Find and copy each line in the material below where the string "built" occurs.

※ ※ ※

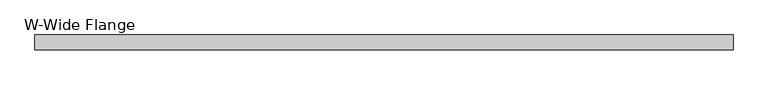
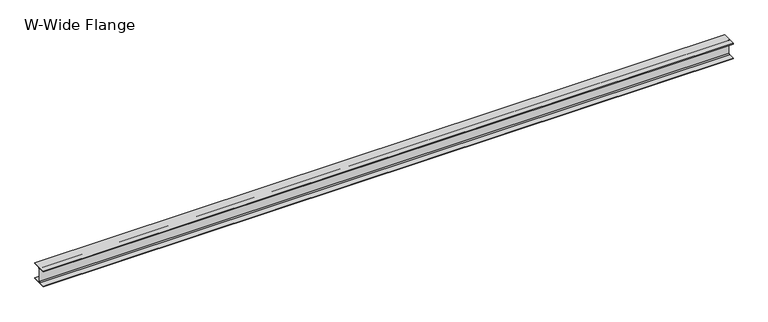
"""IFC4 building model written with IfcOpenShell, lengths in millimetres: beam geometry, W-Wide Flange."""

from ifc_helpers import new_model, si_unit, point, frame, frame_2d, origin, place, context, project, spatial, polyline, circle_curve, trimmed, segment, composite_curve, outline, extrude, source, transform, mapped, element, save


def w_wide_flange_e536b83e(model_context):
    return source(origin(), model_context, "Body", "SweptSolid", [
        extrude(outline(composite_curve([segment(polyline([(95.25, -97.2185), (95.25, -106.3625), (-95.25, -106.3625), (-95.25, -97.2185), (-17.7165, -97.2185)]), True, "CONTINUOUS"), segment(trimmed(circle_curve(frame_2d((-17.7165, -82.55)), 14.6685), [point((-17.7165, -97.2185))], [point((-3.048, -82.55))], True, "CARTESIAN"), True, "CONTINUOUS"), segment(polyline([(-3.048, -82.55), (-3.048, 82.55)]), True, "CONTINUOUS"), segment(trimmed(circle_curve(frame_2d((-17.7165, 82.55)), 14.6685), [point((-3.048, 82.55))], [point((-17.7165, 97.2185))], True, "CARTESIAN"), True, "CONTINUOUS"), segment(polyline([(-17.7165, 97.2185), (-95.25, 97.2185), (-95.25, 106.3625), (95.25, 106.3625), (95.25, 97.2185), (17.7165, 97.2185)]), True, "CONTINUOUS"), segment(trimmed(circle_curve(frame_2d((17.7165, 82.55)), 14.6685), [point((17.7165, 97.2185))], [point((3.048, 82.55))], True, "CARTESIAN"), True, "CONTINUOUS"), segment(polyline([(3.048, 82.55), (3.048, -82.55)]), True, "CONTINUOUS"), segment(trimmed(circle_curve(frame_2d((17.7165, -82.55)), 14.6685), [point((3.048, -82.55))], [point((17.7165, -97.2185))], True, "CARTESIAN"), True, "CONTINUOUS"), segment(polyline([(17.7165, -97.2185), (95.25, -97.2185)]), True, "CONTINUOUS")], self_intersect=False)), frame((-4445.1356486, 0.0, 0.0), z_axis=(1.0, 0.0, 0.0), x_axis=(0.0, 1.0, 0.0)), (0.0, 0.0, 1.0), 8890.2712971),
    ])


if __name__ == "__main__":
    model = new_model("IFC4")
    model_context = context("Model", 3, world=origin())
    ifc_project = project(units=[si_unit("LENGTHUNIT", "METRE", prefix="MILLI")], contexts=[model_context])
    site = spatial("IfcSite", under=ifc_project)
    building = spatial("IfcBuilding", under=site)
    placement = place(None, origin())
    w_wide_flange_shape = w_wide_flange_e536b83e(model_context)
    element("IfcBeam", 1, ObjectType="W-Wide Flange : ODD SIZE (8 3/8\" D x 7 1/2\" W)", at=placement, inside=building, context=model_context, shape_type="MappedRepresentation", body=[
        mapped(w_wide_flange_shape, transform((0.0, 0.0, 0.0), x_axis=(1.0, 0.0, 0.0), y_axis=(0.0, 1.0, 0.0), z_axis=(0.0, 0.0, 1.0))),
    ])
    save(model, "model.ifc")

# Revit data of these elements
# Type "W-Wide Flange : ODD SIZE (8 3/8\" D x 7 1/2\" W)"
#   Assembly Code = "B10"
#   W = 22
#   Length [instance default] = 5' - 0"
#   bf = 0' - 7 1/2"
#   d = 0' - 8 3/8"
#   k = 0' - 0 15/16"
#   k2 = 0' - 0.5775"
#   tf = 0' - 0.36"
#   tw = 0' - 0.24"
#   A = 0.0450694 SF
#   Structural Material [instance default] = Steel ASTM A992
# Element 1 (IfcBeam, "W-Wide Flange : ODD SIZE (8 3/8\" D x 7 1/2\" W)")
#   Materials on its faces: "Steel ASTM A992"
# Materials
#   "Steel ASTM A992": class "Metal", colour RGB 199 199 199, transparency 0, Description = "Structural steel 50ksi", Cost = 0
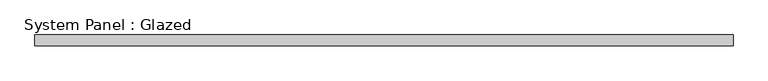
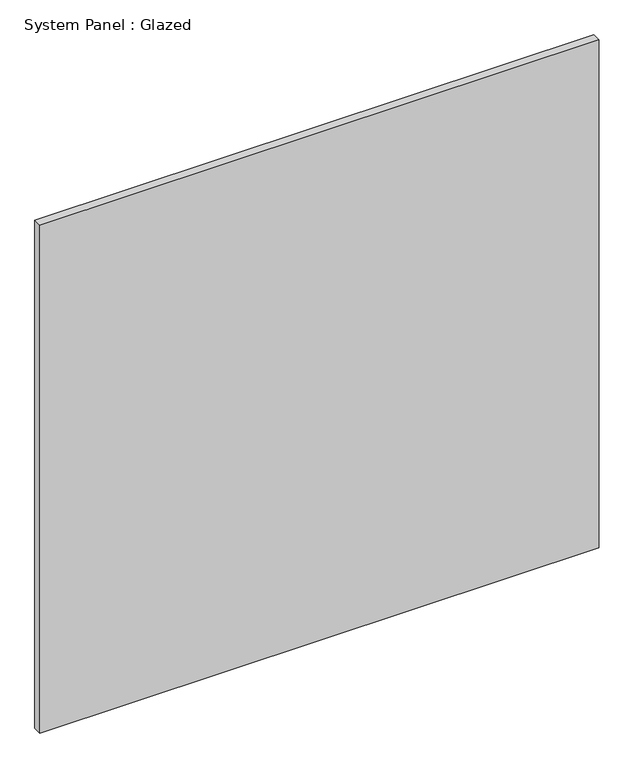
"""IFC4 building model written with IfcOpenShell, lengths in millimetres: plate geometry, System Panel : Glazed."""

from ifc_helpers import new_model, si_unit, origin, origin_with_axes, place, context, project, spatial, polyline, outline, extrude, source, transform, mapped, element, save


def system_panel_glazed_619493b4(model_context):
    return source(origin(), model_context, "Body", "SweptSolid", [
        extrude(outline(polyline([(807.5, 24.5), (-807.5, 24.5), (-807.5, 49.5), (807.5, 49.5), (807.5, 24.5)])), origin_with_axes(), (0.0, 0.0, 1.0), 1550.0),
    ])


if __name__ == "__main__":
    model = new_model("IFC4")
    model_context = context("Model", 3, world=origin())
    ifc_project = project(units=[si_unit("LENGTHUNIT", "METRE", prefix="MILLI")], contexts=[model_context])
    site = spatial("IfcSite", under=ifc_project)
    building = spatial("IfcBuilding", under=site)
    placement = place(None, origin())
    system_panel_glazed_shape = system_panel_glazed_619493b4(model_context)
    element("IfcPlate", 1, ObjectType="System Panel : Glazed", at=placement, inside=building, context=model_context, shape_type="MappedRepresentation", body=[
        mapped(system_panel_glazed_shape, transform((0.0, 0.0, 0.0), x_axis=(1.0, 0.0, 0.0), y_axis=(0.0, 1.0, 0.0), z_axis=(0.0, 0.0, 1.0))),
    ])
    save(model, "model.ifc")

# Revit data of these elements
# Element 1 (IfcPlate, "System Panel : Glazed")
#   Materials on its faces: "Glass"
# Materials
#   "Glass": class "Glass", colour RGB 0 128 192, transparency 0.9
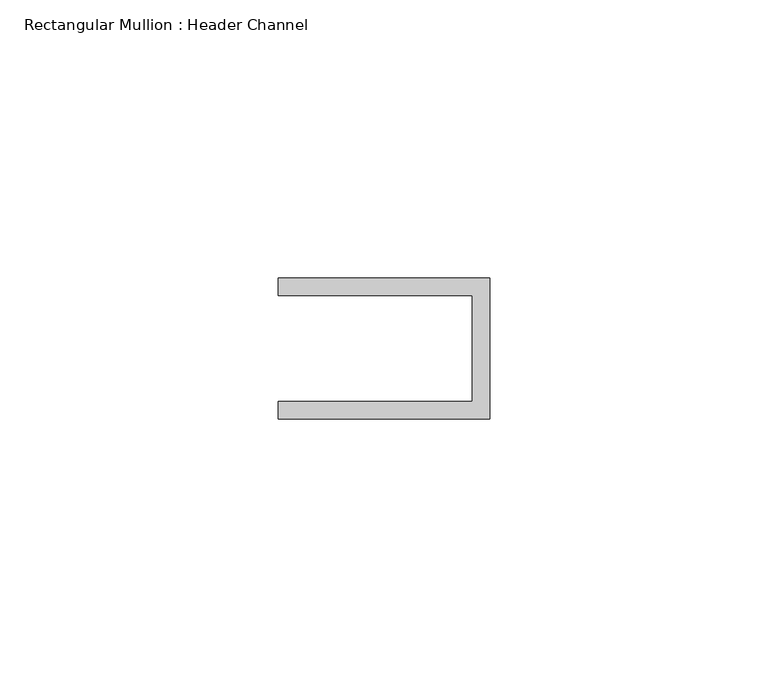
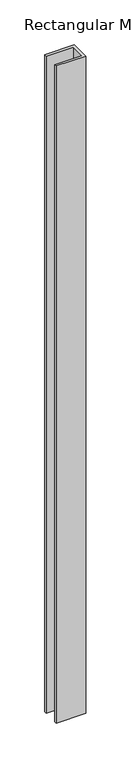
"""IFC4 building model written with IfcOpenShell, lengths in millimetres: member geometry, Rectangular Mullion : Header Channel."""

from ifc_helpers import new_model, si_unit, frame, origin, place, context, project, spatial, polyline, outline, extrude, source, transform, mapped, element, save


def rectangular_mullion_header_channel_a241ad57(model_context):
    return source(origin(), model_context, "Body", "SweptSolid", [
        extrude(outline(polyline([(0.0, -12.7), (-38.1, -12.7), (-38.1, -9.525), (-3.175, -9.525), (-3.175, 9.525), (-38.1, 9.525), (-38.1, 12.7), (0.0, 12.7), (0.0, -12.7)])), frame((0.0, 0.0, -894.320152), z_axis=(0.0, 0.0, 1.0), x_axis=(1.0, 0.0, 0.0)), (0.0, 0.0, 1.0), 894.320152),
    ])


if __name__ == "__main__":
    model = new_model("IFC4")
    model_context = context("Model", 3, world=origin())
    ifc_project = project(units=[si_unit("LENGTHUNIT", "METRE", prefix="MILLI")], contexts=[model_context])
    site = spatial("IfcSite", under=ifc_project)
    building = spatial("IfcBuilding", under=site)
    placement = place(None, origin())
    rectangular_mullion_header_channel_shape = rectangular_mullion_header_channel_a241ad57(model_context)
    element("IfcMember", 1, ObjectType="Rectangular Mullion : Header Channel", at=placement, inside=building, context=model_context, shape_type="MappedRepresentation", body=[
        mapped(rectangular_mullion_header_channel_shape, transform((0.0, 0.0, 0.0), x_axis=(1.0, 0.0, 0.0), y_axis=(0.0, 1.0, 0.0), z_axis=(0.0, 0.0, 1.0))),
    ])
    save(model, "model.ifc")

# Revit data of these elements
# Type "Rectangular Mullion : Header Channel"
#   built-in parameter 1007322 = 0.0833333 (stored number, unit not read)
#   built-in parameter 1007321 = -0.03125 (stored number, unit not read)
#   built-in parameter 1007320 = 0.0416667 (stored number, unit not read)
# Element 1 (IfcMember, "Rectangular Mullion : Header Channel")
#   Materials on its faces: "ALUM"
# Materials
#   "ALUM": class "Generic", colour RGB 157 157 157, transparency 0, Cost = 0
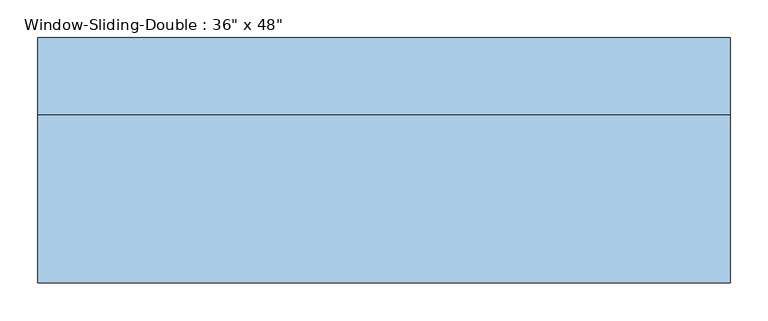
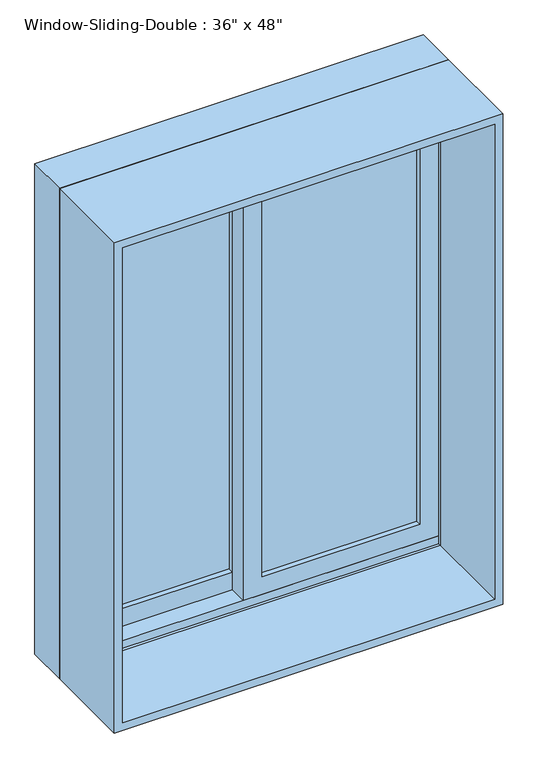
"""IFC4 building model written with IfcOpenShell, lengths in millimetres: window geometry."""

from ifc_helpers import new_model, si_unit, frame, origin, place, context, project, spatial, polyline, outline, extrude, faceted_brep, source, transform, mapped, element, save


def window_690f77e0(model_context):
    return source(origin(), model_context, "Body", "SolidModel", [
        faceted_brep([(-457.2, 66.04, 914.4), (-457.2, 167.64, 914.4), (457.2, 167.64, 914.4), (457.2, 66.04, 914.4), (-416.2778905, 167.64, 2092.6778905), (-416.2778905, 161.29, 2092.6778905), (-416.2778905, 161.29, 933.45), (-416.2778905, 167.64, 933.45), (416.2778905, 161.29, 2092.6778905), (416.2778905, 161.29, 933.45), (438.15, 161.29, 933.45), (438.15, 161.29, 2114.55), (-438.15, 161.29, 2114.55), (-438.15, 161.29, 933.45), (-438.15, 66.04, 2114.55), (-438.15, 66.04, 933.45), (-438.15, 72.39, 933.45), (-438.15, 72.39, 952.5), (-438.15, 116.84, 952.5), (-438.15, 116.84, 933.45), (457.2, 66.04, 2133.6), (-457.2, 66.04, 2133.6), (438.15, 66.04, 2114.55), (438.15, 66.04, 933.45), (-457.2, 167.64, 2133.6), (457.2, 167.64, 2133.6), (416.2778905, 167.64, 933.45), (416.2778905, 167.64, 2092.6778905), (438.15, 116.84, 933.45), (438.15, 116.84, 952.5), (438.15, 72.39, 952.5), (438.15, 72.39, 933.45)], [[[0, 1, 2, 3]], [[4, 5, 6, 7]], [[5, 8, 9, 10, 11, 12, 13, 6]], [[12, 14, 15, 16, 17, 18, 19, 13]], [[0, 3, 20, 21], [22, 23, 15, 14]], [[24, 1, 0, 21]], [[2, 1, 24, 25], [4, 7, 26, 27]], [[5, 4, 27, 8]], [[12, 11, 22, 14]], [[21, 20, 25, 24]], [[8, 27, 26, 9]], [[22, 11, 10, 28, 29, 30, 31, 23]], [[20, 3, 2, 25]], [[26, 7, 6, 13, 19, 28, 10, 9]], [[28, 19, 18, 29]], [[29, 18, 17, 30]], [[30, 17, 16, 31]], [[15, 23, 31, 16]]]),
        extrude(outline(polyline([(2133.6, -457.2), (914.4, -457.2), (914.4, 457.2), (2133.6, 457.2), (2133.6, -457.2)]), holes=[polyline([(2114.55, 438.15), (933.45, 438.15), (933.45, -438.15), (2114.55, -438.15), (2114.55, 438.15)])]), frame((0.0, -156.21, 0.0), z_axis=(0.0, 1.0, 0.0), x_axis=(0.0, 0.0, 1.0)), (0.0, 0.0, 1.0), 222.25),
        extrude(outline(polyline([(393.7, 104.14), (393.7, 97.79), (22.225, 97.79), (22.225, 104.14), (393.7, 104.14)])), frame((0.0, 0.0, 996.95), z_axis=(0.0, 0.0, 1.0), x_axis=(1.0, 0.0, 0.0)), (0.0, 0.0, 1.0), 1073.15),
        extrude(outline(polyline([(393.7, 91.44), (393.7, 85.09), (22.225, 85.09), (22.225, 91.44), (393.7, 91.44)])), frame((0.0, 0.0, 996.95), z_axis=(0.0, 0.0, 1.0), x_axis=(1.0, 0.0, 0.0)), (0.0, 0.0, 1.0), 1073.15),
        extrude(outline(polyline([(-22.225, 148.59), (-22.225, 142.24), (-393.7, 142.24), (-393.7, 148.59), (-22.225, 148.59)])), frame((0.0, 0.0, 996.95), z_axis=(0.0, 0.0, 1.0), x_axis=(1.0, 0.0, 0.0)), (0.0, 0.0, 1.0), 1073.15),
        extrude(outline(polyline([(-22.225, 135.89), (-22.225, 129.54), (-393.7, 129.54), (-393.7, 135.89), (-22.225, 135.89)])), frame((0.0, 0.0, 996.95), z_axis=(0.0, 0.0, 1.0), x_axis=(1.0, 0.0, 0.0)), (0.0, 0.0, 1.0), 1073.15),
        extrude(outline(polyline([(933.45, -438.15), (933.45, 22.225), (2114.55, 22.225), (2114.55, -438.15), (933.45, -438.15)]), holes=[polyline([(2070.1, -22.225), (996.95, -22.225), (996.95, -393.7), (2070.1, -393.7), (2070.1, -22.225)])]), frame((0.0, 116.84, 0.0), z_axis=(0.0, 1.0, 0.0), x_axis=(0.0, 0.0, 1.0)), (0.0, 0.0, 1.0), 44.45),
        extrude(outline(polyline([(952.5, 438.15), (2114.55, 438.15), (2114.55, -22.225), (952.5, -22.225), (952.5, 438.15)]), holes=[polyline([(996.95, 22.225), (2070.1, 22.225), (2070.1, 393.7), (996.95, 393.7), (996.95, 22.225)])]), frame((0.0, 72.39, 0.0), z_axis=(0.0, 1.0, 0.0), x_axis=(0.0, 0.0, 1.0)), (0.0, 0.0, 1.0), 44.45),
    ])


if __name__ == "__main__":
    model = new_model("IFC4")
    model_context = context("Model", 3, world=origin())
    ifc_project = project(units=[si_unit("LENGTHUNIT", "METRE", prefix="MILLI")], contexts=[model_context])
    site = spatial("IfcSite", under=ifc_project)
    building = spatial("IfcBuilding", under=site)
    placement = place(None, origin())
    window_shape = window_690f77e0(model_context)
    element("IfcWindow", 1, ObjectType="Window-Sliding-Double : 36\" x 48\"", at=placement, inside=building, context=model_context, shape_type="MappedRepresentation", body=[
        mapped(window_shape, transform((0.0, 0.0, 0.0), x_axis=(1.0, 0.0, 0.0), y_axis=(0.0, 1.0, 0.0), z_axis=(0.0, 0.0, 1.0))),
    ])
    save(model, "model.ifc")

# Revit data of these elements
# Type "Window-Sliding-Double : 36\" x 48\""
#   Type Mark = "E"
#   Fire Rating = "0.5h"
#   Assembly Code = "B2020100"
#   Analytic Construction = "Double glazing - domestic"
#   Window Inset [instance default] = 0' - 0"
#   Wall Thickness [instance default] = 0' - 6"
#   Visual Light Transmittance = 0.81
#   Thermal Resistance (R) = 1.8146 (h·ft²·°F)/BTU
#   Solar Heat Gain Coefficient = 0.76
#   Muntin Width = 1' - 2 5/8"
#   Muntin Height = 3' - 6 1/4"
#   Interior Wall Closure [instance default] = 0' - 2 3/4"
#   Heat Transfer Coefficient (U) = 0.5511 BTU/(h·ft²·°F)
#   Frame Extension [instance default] = 0' - 0 1/4"
#   Exterior Wall Closure [instance default] = 0' - 1 1/4"
#   Rough Width = 3' - 0 1/2"
#   Rough Height = 4' - 0 1/2"
#   Height = 4' - 0"
#   Extension Jamb [instance default] = 0' - 2 3/4"
#   Default Sill Height = 3' - 0"
#   Width = 3' - 0"
#   Interior Trim Visibility [instance default] = yes
#   Indicator Visibility [instance default] = yes
#   Exterior Trim Visibility [instance default] = yes
#   Muntin Visibility = yes
#   Extension Jamb Visibility [instance default] = yes
#   Muntin Pattern = Muntin Pattern_2x2 : Muntin Pattern_2x2
#   Interior Trim Material = Wood - Stained
#   Interior Trim = Trim-Window-Interior-Flat : Picture Frame
#   Interior Frame Material = Wood - Stained
#   Glass Panel Material = Glass
#   Exterior Trim Material = Clad - White
#   Exterior Trim = Trim-Window-Exterior-Flat : with Sill
#   Exterior Frame Material = Clad - White
#   Wall Closure = (empty or 0)
# Element 1 (IfcWindow, "Window-Sliding-Double : 36\" x 48\"")
#   Wall Thickness = 1' - 0"
#   Extension Jamb = 0' - 8 3/4"
#   Materials on its faces: "Wood - Stained", "Glass", "Clad - White"
# Materials
#   "Wood - Stained": class "Wood", colour RGB 224 178 126, transparency 0, Cost = 0
#   "Glass": class "Unassigned", colour RGB 0 128 192, transparency 0.75, Description = "Glass"
#   "Clad - White": class "Wood", colour RGB 242 242 238, transparency 0, Cost = 0

※ ※ ※

Exercise answer
#   built-in parameter 1007322 = 0.0833333 (stored number, unit not read)
#   built-in parameter 1007321 = -0.03125 (stored number, unit not read)
#   built-in parameter 1007320 = 0.0416667 (stored number, unit not read)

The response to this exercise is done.